第68話 奥地に遭いますかどうか
文字数 751文字
「滝巡りもいいもんだな」
滝に打たれれば、心頭滅却になるだろう。
「三重っていろんな風景があるよネ~」
エリは伊賀忍者に興味津々だ。だけど言えずに悶々としている。
「名張の赤目四十八滝って、新日本観光地百選の瀑布部門で第一位に選ばれたこともあるんだよ」
いまとなっては、いかんせん地名度が足りない。秋の星座にぶら下がって、上から紅葉を見下ろすのも良いだろう。
「もう少し、アクセスが良いといいのですが」
高速道路を通すルートは、円卓会議で決められる。
「それなんだよね。

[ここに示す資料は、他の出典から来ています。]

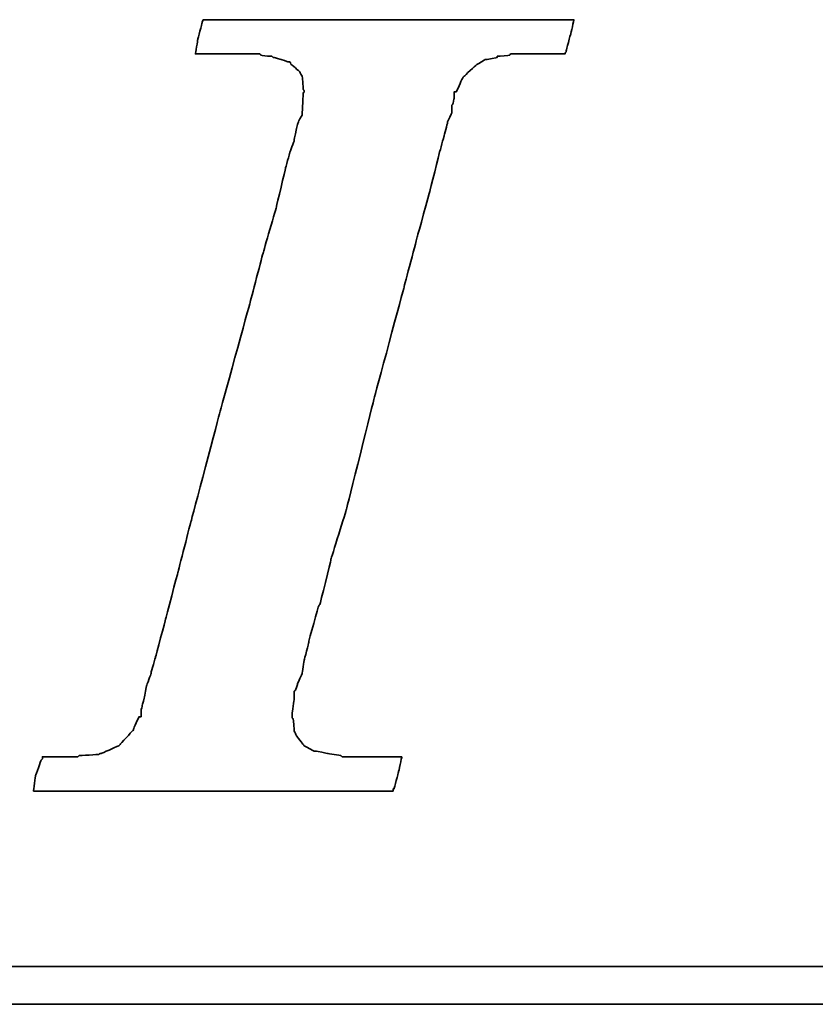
# Model space of a CAD drawing. Header units: millimetres. Extents: x 19 to 276, y -119 to -34.
# Tile 32 of 49: x 210.19 to 212.23, y -93.76 to -91.24. Entities that reach past the tile are written whole.
import ezdxf

# ---------------------------------------------------------------- set-up
doc = ezdxf.new("R2010")
doc.units = ezdxf.units.MM
doc.header["$LTSCALE"] = 0.15
doc.layers.add('DIM', color=4, linetype='CONTINUOUS')
doc.layers.add('layer 1', color=7, linetype='CONTINUOUS')

# ---------------------------------------------------------------- blocks, each defined once
blk = doc.blocks.new('TBI MOTION logo(完整正式版)')
at = {"layer": 'layer 1', "color": 22, "lineweight": 35}
for points, knots in [([(-40.59125, -7.94375), (-40.59125, -7.94375), (-40.97375, -7.94375), (-40.97375, -7.94375), (-40.97375, -7.94375), (-40.97375, -7.94375), (-41.38125, -7.94375), (-41.38125, -7.94375), (-41.38125, -7.94375), (-41.38125, -7.94375), (-41.54875, -7.94375), (-41.54875, -7.94375), (-41.54875, -7.94375), (-41.54875, -7.94375), (-41.59875, -7.94375), (-41.59875, -7.94375), (-41.59875, -7.94375), (-41.59875, -7.94375), (-41.88375, -7.94375), (-41.88375, -7.94375), (-41.88375, -7.94375), (-41.88375, -7.94375), (-41.90875, -7.91875), (-41.90875, -7.91875), (-41.90875, -7.91875), (-41.90875, -7.91875), (-42.19875, -7.87125), (-42.19875, -7.87125), (-42.19875, -7.87125), (-42.19875, -7.87125), (-42.43875, -7.82375), (-42.43875, -7.82375), (-42.43875, -7.82375), (-42.43875, -7.82375), (-42.45875, -7.82375), (-42.45875, -7.82375), (-42.45875, -7.82375), (-42.45875, -7.82375), (-42.48625, -7.82375), (-42.48625, -7.82375), (-42.48625, -7.82375), (-42.48625, -7.82375), (-42.67625, -7.72375), (-42.67625, -7.72375), (-42.67625, -7.72375), (-42.67625, -7.72375), (-42.70125, -7.70375), (-42.70125, -7.70375), (-42.70125, -7.70375), (-42.70125, -7.70375), (-42.72375, -7.67875), (-42.72375, -7.67875), (-42.72375, -7.67875), (-42.72375, -7.67875), (-42.86875, -7.48875), (-42.86875, -7.48875), (-42.86875, -7.48875), (-42.86875, -7.48875), (-42.89375, -7.43875), (-42.89375, -7.43875), (-42.89375, -7.43875), (-42.89375, -7.43875), (-42.91875, -7.38875), (-42.91875, -7.38875), (-42.91875, -7.38875), (-42.91875, -7.38875), (-42.93875, -7.12875), (-42.93875, -7.12875), (-42.93875, -7.12875), (-42.93875, -7.12875), (-42.96375, -7.10375), (-42.96375, -7.10375), (-42.96375, -7.10375), (-42.96375, -7.10375), (-42.96375, -7.05375), (-42.96375, -7.05375), (-42.96375, -7.05375), (-42.96375, -7.05375), (-42.96375, -7.00875), (-42.96375, -7.00875), (-42.96375, -7.00875), (-42.96375, -7.00875), (-42.91875, -6.69625), (-42.91875, -6.69625), (-42.91875, -6.69625), (-42.91875, -6.69625), (-42.91875, -6.62375), (-42.91875, -6.62375), (-42.91875, -6.62375), (-42.91875, -6.62375), (-42.91875, -6.59625), (-42.91875, -6.59625), (-42.91875, -6.59625), (-42.91875, -6.59625), (-42.91875, -6.57375), (-42.91875, -6.57375), (-42.91875, -6.57375), (-42.91875, -6.57375), (-42.91875, -6.52875), (-42.91875, -6.52875), (-42.91875, -6.52875), (-42.91875, -6.52875), (-42.89375, -6.50375), (-42.89375, -6.50375), (-42.89375, -6.50375), (-42.89375, -6.50375), (-42.84375, -6.38375), (-42.84375, -6.38375), (-42.84375, -6.38375), (-42.84375, -6.38375), (-42.84375, -6.35875), (-42.84375, -6.35875), (-42.84375, -6.35875), (-42.84375, -6.35875), (-42.74625, -6.14375), (-42.74625, -6.14375), (-42.74625, -6.14375), (-42.74625, -6.14375), (-42.70125, -5.85375), (-42.70125, -5.85375), (-42.70125, -5.85375), (-42.70125, -5.85375), (-42.60375, -5.47125), (-42.60375, -5.47125), (-42.60375, -5.47125), (-42.60375, -5.47125), (-42.60375, -5.44875), (-42.60375, -5.44875), (-42.60375, -5.44875), (-42.60375, -5.44875), (-42.38875, -4.67875), (-42.38875, -4.67875), (-42.38875, -4.67875), (-42.38875, -4.67875), (-42.36375, -4.65375), (-42.36375, -4.65375), (-42.36375, -4.65375), (-42.36375, -4.65375), (-42.12375, -3.69625), (-42.12375, -3.69625), (-42.12375, -3.69625), (-42.12375, -3.69625), (-42.12375, -3.67374), (-42.12375, -3.67374), (-42.12375, -3.67374), (-42.12375, -3.67374), (-41.78875, -2.59374), (-41.78875, -2.59374), (-41.78875, -2.59374), (-41.78875, -2.59374), (-41.18875, -0.19375), (-41.18875, -0.19375), (-41.18875, -0.19375), (-41.18875, -0.19375), (-40.54375, 2.20624), (-40.54375, 2.20624), (-40.54375, 2.20624), (-40.54375, 2.20624), (-40.25375, 3.30875), (-40.25375, 3.30875), (-40.25375, 3.30875), (-40.25375, 3.30875), (-39.98875, 4.27125), (-39.98875, 4.27125), (-39.98875, 4.27125), (-39.98875, 4.27125), (-39.77375, 5.13125), (-39.77375, 5.13125), (-39.77375, 5.13125), (-39.77375, 5.13125), (-39.67875, 5.47125), (-39.67875, 5.47125), (-39.67875, 5.47125), (-39.67875, 5.47125), (-39.60375, 5.75625), (-39.60375, 5.75625), (-39.60375, 5.75625), (-39.60375, 5.75625), (-39.60375, 5.78125), (-39.60375, 5.78125), (-39.60375, 5.78125), (-39.60375, 5.78125), (-39.50875, 5.97125), (-39.50875, 5.97125), (-39.50875, 5.97125), (-39.50875, 5.97125), (-39.50875, 6.13875), (-39.50875, 6.13875), (-39.50875, 6.13875), (-39.50875, 6.13875), (-39.48625, 6.16625), (-39.48625, 6.16625), (-39.48625, 6.16625), (-39.48625, 6.16625), (-39.46125, 6.28625), (-39.46125, 6.28625), (-39.46125, 6.28625), (-39.46125, 6.28625), (-39.46125, 6.42625), (-39.46125, 6.42625), (-39.46125, 6.42625), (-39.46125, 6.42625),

地図を広げるとさ、国道165号線に沿うように久居・天理間を繋いで、新名神の甲南ICから縦に伊賀・名張を通って166号線まで結ぶと便利だと思うんだけどなあ」
赤目四十八滝を中心に、四通させる。
「おオ~、十字に赤目が斬ル!」
忍者マニアのエリは、九字も切れる。
「北伊勢も田舎だけど、ここは一段も二段も田舎ね」
褒め言葉である。
「ここいらの高校生は、運動能力が
山道・坂道ばかりで、足腰と心肺能力が自動的に鍛えられる。
「忍者の里になったのも頷けますね」
白馬の常人離れした肉体は、ここで養われた。
「面白い地形だよな。ここを過ぎたら、もう奈良と京都が見えてくる」
イエスの伊賀越え。ライバルの甲賀は、滋賀県境を挟んで隣同士だ。
「もっと観光アピールが欲しいところね」
ハートを掴むには、隣接した胃袋を掴むのが近道だ。
「お高くなっちゃうけど、
割り下を使わないすき焼きが絶品である。
「伊賀の金谷は老舗の旅館みたいなたたずまいね」
「名張の金谷のほうは、レストランだヨ!」
秘境の旅は、胃袋がひとつではとても足りない。